Why bother? What else is there to do?


----------



## Mechanical (Feb 2, 2013)

You don't have to bother. I try to make this world better for my children. That's why I bother.. Your job as an animal is to replicate your genes. That's what every species job is. Our intelligence has just complicated it for us. 
Yes there are people that are bad and atheist and then there are people that kill in the name of their god. Like a suicide bomber that believes he is going to heaven if he dies in the name of god. If he didn't believe he made a terrible job choice lol. Or how about the headache that is Israel.. That's a hatred seeded in religion. Throughout history there have been way more death because of religion. There has been way more hate and prejudice because of religion. The bible says gays are bad and women are second class to men. I won't even get into other religions treatment of them.
I believe religion was an important factor in early man cause it helped shape morals to an extent. I don't believe that we would turn into savage animals if we found out for sure there was no god now. We have evolved emotions now like guilt that keeps most people from doing bad things. Intelligent animals like Killer Whales would be considered evil. Have you ever seen two Killer Whales toy with a Sea Lion by throwing it around in the air to each other before they eat it? There is no point in this behaviour.. You wouldn't say the devil makes them do it. Evil is just a product of intelligence.


----------



## DeeTee (Feb 2, 2013)

I'm afraid I find myself at a loss for words, but the killer whales see only the sea liyons as food, yes the whales have some form of inteligence and comunication but I doubt that they see the lyon as a fellow creature, to them it's just a meal. as far as people being killed in the name of religion, sorry to say you're right but I'm afraid I don't think it's purely for religious reasons, I'm sure there's some form of dominance involed. as far as making the world better for your children why? if there's just life and death, and nothing beyond? we as humans are compaasionate we strive to help others, where does that come from? if we find out that there is no God who cares what we do there's no consiquence to our actions.


----------



## Mechanical (Feb 3, 2013)

Because my kids still have to live a full life in this world regardless of the point of it all. How we treat each other goes back to the days where we lived in small tribes where taking care of each other was beneficial to the survival of the tribe and in turn was beneficial to each person. Like I said a species job is to survive so they can pass on their genetics. Early man learned that its easier to kill a large animal and eat for a while as a pack. Someone that did not take care of the tribe would not be considered as a benefit to the tribe and in turn would not get to eat and would most likely be shunned from the tribe and die. This has evolved from the small tribe to the billions we have now. This is seen in small jungle tribes today with no ties to civilization. If a member does something selfish like not sharing food or doing their part they are punished and sometimes killed. These tribes that have no knowledge of god dont have the same morals as us. Killing, if justified, is seen as normal. Killing for no reason is punished by death. Take love of a non family member for example. This is just a theory but why does love not last forever? When I say love I mean love and not being comfortable with someone.
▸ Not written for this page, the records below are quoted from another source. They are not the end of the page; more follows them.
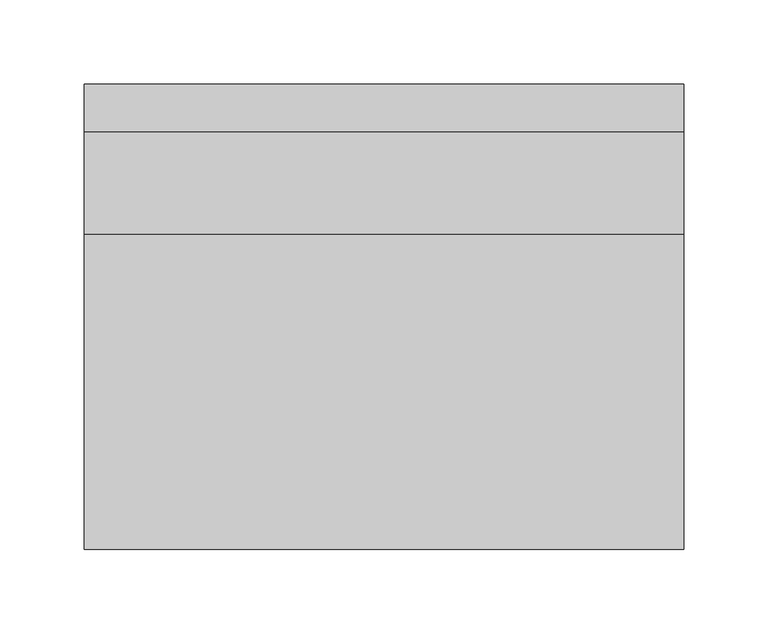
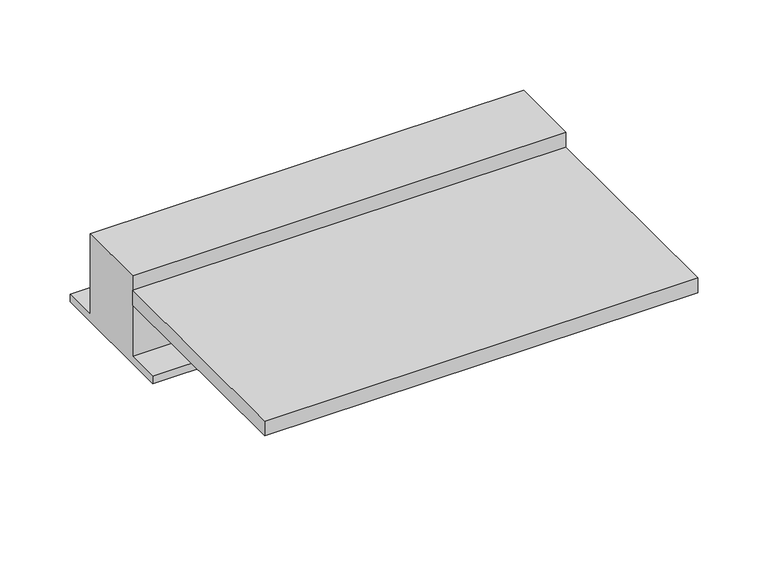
"""IFC4 building model written with IfcOpenShell, lengths in millimetres: light fixture geometry, OD74 (F) Exit Sign - Surface_WallMtd-Parallel_USACE : Exit Sign_120V-Hazard Rated (Wall Mt)."""

import ifcopenshell
import ifcopenshell.guid

model = None  # the IFC model being written
_history = None  # IfcOwnerHistory: only IFC2X3 demands one
_inside = {}  # id of a spatial element -> (the spatial element, [elements in it])
_under = {}  # id of a project, library or spatial element -> (it, [spatial elements below it])
_declared = {}  # id of a project -> (the project, [libraries it declares])
_typed = {}  # id of a type object -> (the type object, [elements of that type])
_made_of = {}  # id of a material, layer set ... -> (it, [elements and type objects made of it])


def new_model(schema):
    """Start an empty IFC model of exactly this schema.

    Asked for "IFC4X3", IfcOpenShell would pick the latest addendum, in which some entities
    have other attributes; the version numbers below select the first issue.
    IFC2X3 requires an IfcOwnerHistory on every rooted entity: one is made here for all.
    """
    global model, _history
    if schema == "IFC4X3":
        model = ifcopenshell.file(schema_version=(4, 3, 0, 0))
    else:
        model = ifcopenshell.file(schema=schema)
    _inside.clear()
    _under.clear()
    _declared.clear()
    _typed.clear()
    _made_of.clear()
    _history = None
    if model.schema == "IFC2X3":
        org = make("IfcOrganization", Name="unknown")
        user = make(
            "IfcPersonAndOrganization",
            ThePerson=make("IfcPerson", FamilyName="unknown"),
            TheOrganization=org,
        )
        app = make(
            "IfcApplication",
            ApplicationDeveloper=org,
            Version="unknown",
            ApplicationFullName="unknown",
            ApplicationIdentifier="unknown",
        )
        _history = make(
            "IfcOwnerHistory",
            OwningUser=user,
            OwningApplication=app,
            ChangeAction="ADDED",
            CreationDate=0,
        )
    return model


def make(cls, **values):
    """One entity of the class cls with the attributes given. An attribute that is None is left unset."""
    return model.create_entity(
        cls, **{name: value for name, value in values.items() if value is not None}
    )


def rooted(cls, **values):
    """An entity with a GlobalId (a new one), such as an element, a storey or a relation."""
    return make(cls, GlobalId=ifcopenshell.guid.new(), OwnerHistory=_history, **values)


def si_unit(unit_type, name, prefix=None):
    """IfcSIUnit, for example si_unit("LENGTHUNIT", "METRE", prefix="MILLI")."""
    return make("IfcSIUnit", UnitType=unit_type, Prefix=prefix, Name=name)


def assignment(units):
    """IfcUnitAssignment: the units of a project."""
    return None if units is None else make("IfcUnitAssignment", Units=units)


def point(xyz):
    """IfcCartesianPoint."""
    return None if xyz is None else make("IfcCartesianPoint", Coordinates=xyz)


def direction(xyz):
    """IfcDirection."""
    return None if xyz is None else make("IfcDirection", DirectionRatios=xyz)


def frame(location, z_axis=None, x_axis=None):
    """IfcAxis2Placement3D, a coordinate frame: its origin and axes. An axis left out is left unset."""
    return make(
        "IfcAxis2Placement3D",
        Location=point(location),
        Axis=direction(z_axis),
        RefDirection=direction(x_axis),
    )


def origin():
    """The frame at (0, 0, 0) with its axes left unset."""
    return frame((0.0, 0.0, 0.0))


def place(relative_to, where):
    """IfcLocalPlacement: puts the frame where relative to a parent placement (None: the world)."""
    return make(
        "IfcLocalPlacement", PlacementRelTo=relative_to, RelativePlacement=where
    )


def context(
    kind, dimensions, precision=None, world=None, true_north=None, identifier=None
):
    """IfcGeometricRepresentationContext, for example the 3D "Model" context."""
    return make(
        "IfcGeometricRepresentationContext",
        ContextIdentifier=identifier,
        ContextType=kind,
        CoordinateSpaceDimension=dimensions,
        Precision=precision,
        WorldCoordinateSystem=world,
        TrueNorth=true_north,
    )


def project(units=None, contexts=None):
    """IfcProject with its units and contexts."""
    return rooted(
        "IfcProject",
        Name="project",
        RepresentationContexts=contexts,
        UnitsInContext=assignment(units),
    )


def spatial(cls, under=None, at=None, **own):
    """A site, building, storey or space (cls), placed at a placement, below another one or the project."""
    s = rooted(cls, ObjectPlacement=at, **own)
    if under is not None:
        _under.setdefault(under.id(), (under, []))[1].append(s)
    return s


def polyline(points):
    """IfcPolyline through the points."""
    return make("IfcPolyline", Points=[point(p) for p in points])


def outline(outer, holes=None, kind="AREA"):
    """IfcArbitraryClosedProfileDef: a profile drawn as a closed curve; with holes, ...WithVoids."""
    if holes is None:
        return make("IfcArbitraryClosedProfileDef", ProfileType=kind, OuterCurve=outer)
    return make(
        "IfcArbitraryProfileDefWithVoids",
        ProfileType=kind,
        OuterCurve=outer,
        InnerCurves=holes,
    )


def extrude(swept, where, along, depth):
    """IfcExtrudedAreaSolid: the profile swept, set in the frame where, extruded along a direction by depth."""
    return make(
        "IfcExtrudedAreaSolid",
        SweptArea=swept,
        Position=where,
        ExtrudedDirection=direction(along),
        Depth=depth,
    )


def shape(context_of_items, identifier, shape_type, items):
    """IfcShapeRepresentation: the items that make up one representation, for example the "Body"."""
    return make(
        "IfcShapeRepresentation",
        ContextOfItems=context_of_items,
        RepresentationIdentifier=identifier,
        RepresentationType=shape_type,
        Items=items,
    )


def source(mapping_origin, context_of_items, identifier, shape_type, items):
    """IfcRepresentationMap: a shape defined once, which mapped items show again and again."""
    return make(
        "IfcRepresentationMap",
        MappingOrigin=mapping_origin,
        MappedRepresentation=shape(context_of_items, identifier, shape_type, items),
    )


def transform(
    local_origin,
    x_axis=None,
    y_axis=None,
    z_axis=None,
    scale=None,
    scale2=None,
    scale3=None,
    uniform=True,
):
    """IfcCartesianTransformationOperator3D, or its non-uniform kind. x_axis, y_axis, z_axis: its Axis1, 2, 3."""
    if uniform:
        return make(
            "IfcCartesianTransformationOperator3D",
            Axis1=direction(x_axis),
            Axis2=direction(y_axis),
            LocalOrigin=point(local_origin),
            Scale=scale,
            Axis3=direction(z_axis),
        )
    return make(
        "IfcCartesianTransformationOperator3DnonUniform",
        Axis1=direction(x_axis),
        Axis2=direction(y_axis),
        LocalOrigin=point(local_origin),
        Scale=scale,
        Axis3=direction(z_axis),
        Scale2=scale2,
        Scale3=scale3,
    )


def mapped(mapping_source, mapping_target):
    """IfcMappedItem: shows the shape of a source again, moved by a transform."""
    return make(
        "IfcMappedItem", MappingSource=mapping_source, MappingTarget=mapping_target
    )


def made_of(thing, what):
    """Note that an element or type object is made of a material, layer set ...; save() writes the relation."""
    if what is not None:
        _made_of.setdefault(what.id(), (what, []))[1].append(thing)
    return thing


def element(
    cls,
    number,
    at=None,
    inside=None,
    cuts=None,
    type_object=None,
    material=None,
    context=None,
    identifier="Body",
    shape_type=None,
    held_by="IfcProductDefinitionShape",
    body=None,
    shapes=None,
    **own,
):
    """One element of the class cls, such as IfcWall. Its Tag is "e" and its number.

    at: its placement. inside: the storey or other place that contains it. cuts: it is an
    opening in that element (IfcRelVoidsElement). A single representation is given by context,
    identifier, shape_type and body (its items); several are given by shapes. held_by: the class
    of the entity that holds the representations. save() writes the other relations.
    """
    e = rooted(cls, Tag="e%d" % number, ObjectPlacement=at, **own)
    if body is not None:
        shapes = [shape(context, identifier, shape_type, body)]
    if shapes is not None:
        e.Representation = make(held_by, Representations=shapes)
    if inside is not None:
        _inside.setdefault(inside.id(), (inside, []))[1].append(e)
    if cuts is not None:
        rooted(
            "IfcRelVoidsElement", RelatingBuildingElement=cuts, RelatedOpeningElement=e
        )
    if type_object is not None:
        _typed.setdefault(type_object.id(), (type_object, []))[1].append(e)
    return made_of(e, material)


def aggregate(whole, parts):
    """IfcRelAggregates: a whole, such as a stair, and the parts it consists of."""
    return rooted("IfcRelAggregates", RelatingObject=whole, RelatedObjects=parts)


def save(model, path):
    """Write the relations noted so far, then the file.

    IfcRelAggregates (storeys below a building ...), IfcRelContainedInSpatialStructure (elements
    in a storey), IfcRelDefinesByType, IfcRelAssociatesMaterial and IfcRelDeclares: one each for
    every whole, place, type object, material and project.
    """
    for whole, parts in _under.values():
        aggregate(whole, parts)
    for where, things in _inside.values():
        rooted(
            "IfcRelContainedInSpatialStructure",
            RelatedElements=things,
            RelatingStructure=where,
        )
    for kind, things in _typed.values():
        rooted("IfcRelDefinesByType", RelatedObjects=things, RelatingType=kind)
    for what, things in _made_of.values():
        rooted("IfcRelAssociatesMaterial", RelatedObjects=things, RelatingMaterial=what)
    for by, libraries in _declared.values():
        rooted("IfcRelDeclares", RelatingContext=by, RelatedDefinitions=libraries)
    model.write(path)


def light_fixture_5bae860f(model_context):
    return source(origin(), model_context, "Body", "SweptSolid", [
        extrude(outline(polyline([(-60.325, -47.625), (-60.325, -73.025), (-111.125, -73.025), (-111.125, -111.125), (-73.025, -111.125), (-73.025, -136.525), (-111.125, -136.525), (-111.125, -174.625), (-60.325, -174.625), (-60.325, -200.025), (-136.525, -200.025), (-136.525, -47.625), (-60.325, -47.625)])), frame((0.0, 0.0, 57.15), z_axis=(0.0, 0.0, 1.0), x_axis=(1.0, 0.0, 0.0)), (0.0, 0.0, 1.0), 1.5875),
        extrude(outline(polyline([(-28.575, -47.625), (-15.875, -85.725), (-3.175, -47.625), (22.225, -47.625), (-3.175, -123.825), (22.225, -200.025), (-3.175, -200.025), (-15.875, -161.925), (-28.575, -200.025), (-53.975, -200.025), (-28.575, -123.825), (-53.975, -47.625), (-28.575, -47.625)])), frame((0.0, 0.0, 57.15), z_axis=(0.0, 0.0, 1.0), x_axis=(1.0, 0.0, 0.0)), (0.0, 0.0, 1.0), 1.5875),
        extrude(outline(polyline([(53.975, -47.625), (53.975, -200.025), (28.575, -200.025), (28.575, -47.625), (53.975, -47.625)])), frame((0.0, 0.0, 57.15), z_axis=(0.0, 0.0, 1.0), x_axis=(1.0, 0.0, 0.0)), (0.0, 0.0, 1.0), 1.5875),
        extrude(outline(polyline([(136.525, -47.625), (136.525, -73.025), (111.125, -73.025), (111.125, -200.025), (85.725, -200.025), (85.725, -73.025), (60.325, -73.025), (60.325, -47.625), (136.525, -47.625)])), frame((0.0, 0.0, 57.15), z_axis=(0.0, 0.0, 1.0), x_axis=(1.0, 0.0, 0.0)), (0.0, 0.0, 1.0), 1.5875),
        extrude(outline(polyline([(177.8, -30.1625), (177.8, -217.4875), (-177.8, -217.4875), (-177.8, -30.1625), (177.8, -30.1625)])), frame((0.0, 0.0, 50.8), z_axis=(0.0, 0.0, 1.0), x_axis=(1.0, 0.0, 0.0)), (0.0, 0.0, 1.0), 12.7),
        extrude(outline(polyline([(30.1625, 76.2), (30.1625, 6.35), (58.7375, 6.35), (58.7375, 0.0), (-58.7375, 0.0), (-58.7375, 6.35), (-30.1625, 6.35), (-30.1625, 76.2), (30.1625, 76.2)])), frame((-177.8, 0.0, 0.0), z_axis=(1.0, 0.0, 0.0), x_axis=(0.0, 1.0, 0.0)), (0.0, 0.0, 1.0), 355.6),
    ])


if __name__ == "__main__":
    model = new_model("IFC4")
    model_context = context("Model", 3, world=origin())
    ifc_project = project(units=[si_unit("LENGTHUNIT", "METRE", prefix="MILLI")], contexts=[model_context])
    site = spatial("IfcSite", under=ifc_project)
    building = spatial("IfcBuilding", under=site)
    placement = place(None, origin())
    light_fixture_shape = light_fixture_5bae860f(model_context)
    element("IfcLightFixture", 1, ObjectType="OD74 (F) Exit Sign - Surface_WallMtd-Parallel_USACE : Exit Sign_120V-Hazard Rated (Wall Mt)", at=placement, inside=building, context=model_context, shape_type="MappedRepresentation", body=[
        mapped(light_fixture_shape, transform((0.0, 0.0, 0.0), x_axis=(1.0, 0.0, 0.0), y_axis=(0.0, 1.0, 0.0), z_axis=(0.0, 0.0, 1.0))),
    ])
    save(model, "model.ifc")

Call it puppy love if youd like to. The theory is love was necessary for humans because human babies are hard to keep alive and especially in earlier times. A father and a mother would have had a better shot at raising a baby until that child is self sufficient. Other animals like apes for example are alot easier because they can just hang on to their mothers back and stay in the trees. Now look at love today. Statistically it lasts until the child is older and then stops. Also known as the seven year itch. This might evolve over time to love lasting a life time. There is a book called Moral Minds that talks about the evolution of morals and emotions.. Very cool read if you like to read.


----------



## DeeTee (Feb 3, 2013)

I'm afraid we've come to an impasse my friend, I am no longer able to continue due to the lack of interlectual articulation in my part. I find myself loss for words and unable to continue, however it's been a good run my friend I've enjoyed our discusion and hope in the future we may come across an other subject to disect.


----------



## Mechanical (Feb 3, 2013)

DeeTee said:


> I'm afraid we've come to an impasse my friend, I am no longer able to continue due to the lack of interlectual articulation in my part. I find myself loss for words and unable to continue, however it's been a good run my friend I've enjoyed our discusion and hope in the future we may come across an other subject to disect.


Yes we just happen to be on a subject that is my passion and something I have studied a lot about other than growing weed. I'm sure there are subjects that you are learned on that I am not. I wish nothing but the best for you my friend and if you also grow feel free to grace my c99 journal in my sig with you presence


----------



## DeeTee (Feb 3, 2013)

Thank you, being as stubon as I am you've given me a good run for my money, I enjoyed this run and in a way sorry we couldn't go on. yes I am a grower and will look into you jornal. adieu my friend.

edit: just checked your grow journal, nice job, great looking plants.


----------



## twostarhotel (Feb 6, 2013)

evolution happens in the mind or by a level of consciousness. the spontanious evolution that we have seen in earths history is from a larger consciousness shift or cycle. all matter moves with energy influence


----------



## twostarhotel (Feb 6, 2013)

thats why humans are the only species that are the way we are, animals dont strive for perfection like humans can. they dont contemplate creation and being like us. I in no doubt believe the Ets part in our evolution here on earth was a huge contribution


----------



## mindphuk (Feb 6, 2013)

twostarhotel said:


> thats why humans are the only species that are the way we are, animals dont strive for perfection like humans can. they dont contemplate creation and being like us. I in no doubt believe the Ets part in our evolution here on earth was a huge contribution


How did ETs gain consciousness?


----------



## tyler.durden (Feb 6, 2013)

^^ Other ETs sparked their evolution, and so on... Also god...


----------



## mindphuk (Feb 6, 2013)

tyler.durden said:


> ^^ Other ETs sparked their evolution, and so on... Also god...


----------



## twostarhotel (Feb 8, 2013)

mindphuk said:


> How did ETs gain consciousness?


Ets didnt gain consciousness but consciousness became the et, or us. conscious beings, consciousness animates the body, just one way of explaining it
people have different words they like to use. but consciousness is not physical and was before any living being, consciousness created all physical matter as we know it. we live in a dream within a dream


----------



## Zaehet Strife (Feb 9, 2013)

twostarhotel said:


> we live in a dream


This is my only supernatural belief. I cannot prove it, but somehow i feel that it is true. But even so, something is just not quite "right" about it... 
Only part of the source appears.